**ASSIGNMENT**. Because the copy must hold no pictures, return the data below with all of its words intact.

[Records from a dataset]
Start of Block

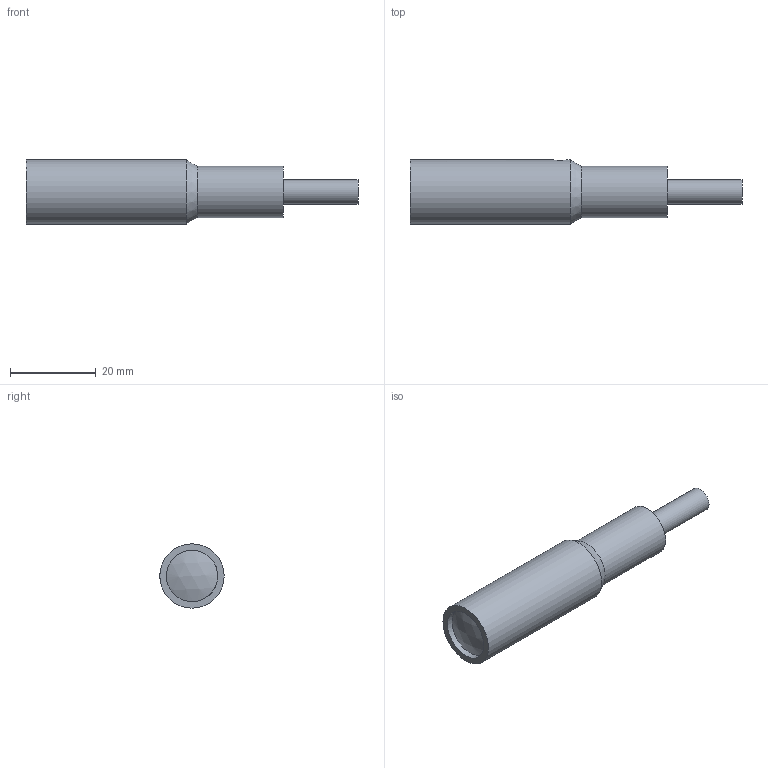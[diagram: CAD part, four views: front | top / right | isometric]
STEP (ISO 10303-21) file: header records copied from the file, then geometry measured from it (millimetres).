
FILE_DESCRIPTION((''),'2;1');
FILE_NAME('Q:\Konstruktion\E-Mail-Zeichnungen\STEP\KL-3.stp','2007-01-31T14:06:06',('GuentherB'),(''),'Autodesk Inventor 11','Autodesk Inventor 11','');
FILE_SCHEMA(('AUTOMOTIVE_DESIGN { 1 0 10303 214 1 1 1 1 }'));
Length unit declared in the file: millimetre
Products named in the file (1): Bauteil1
Bounding box: 77.5 x 15 x 15 mm (x, y, z)
Volume: 9583.8 mm3; surface area: 3323.8 mm2
Topology: 1 solids, 1 shells, 19 faces, 40 edges, 26 vertices
Faces by surface type: plane 10, cylinder 4, bspline 2, cone 2, sphere 1
Full cylindrical faces by diameter (mm): 5.7 x1, 12 x1, 15 x1
Entity records: 555 total; most frequent: CARTESIAN_POINT 162, DIRECTION 80, ORIENTED_EDGE 60, AXIS2_PLACEMENT_3D 34, EDGE_CURVE 30, EDGE_LOOP 30, VERTEX_POINT 24, FACE_OUTER_BOUND 19

End of Block

**EXERCISE ANSWER**.
[diagram: CAD part, four views: front | top / right | isometric]
STEP (ISO 10303-21) file: header records copied from the file, then geometry measured from it (millimetres).
FILE_DESCRIPTION((''),'2;1');
FILE_NAME('Q:\Konstruktion\E-Mail-Zeichnungen\STEP\KL-3.stp','2007-01-31T14:06:06',('GuentherB'),(''),'Autodesk Inventor 11','Autodesk Inventor 11','');
FILE_SCHEMA(('AUTOMOTIVE_DESIGN { 1 0 10303 214 1 1 1 1 }'));
Length unit declared in the file: millimetre
Products named in the file (1): Bauteil1
Bounding box: 77.5 x 15 x 15 mm (x, y, z)
Volume: 9583.8 mm3; surface area: 3323.8 mm2
Topology: 1 solids, 1 shells, 19 faces, 40 edges, 26 vertices
Faces by surface type: plane 10, cylinder 4, bspline 2, cone 2, sphere 1
Full cylindrical faces by diameter (mm): 5.7 x1, 12 x1, 15 x1
Entity records: 555 total; most frequent: CARTESIAN_POINT 162, DIRECTION 80, ORIENTED_EDGE 60, AXIS2_PLACEMENT_3D 34, EDGE_CURVE 30, EDGE_LOOP 30, VERTEX_POINT 24, FACE_OUTER_BOUND 19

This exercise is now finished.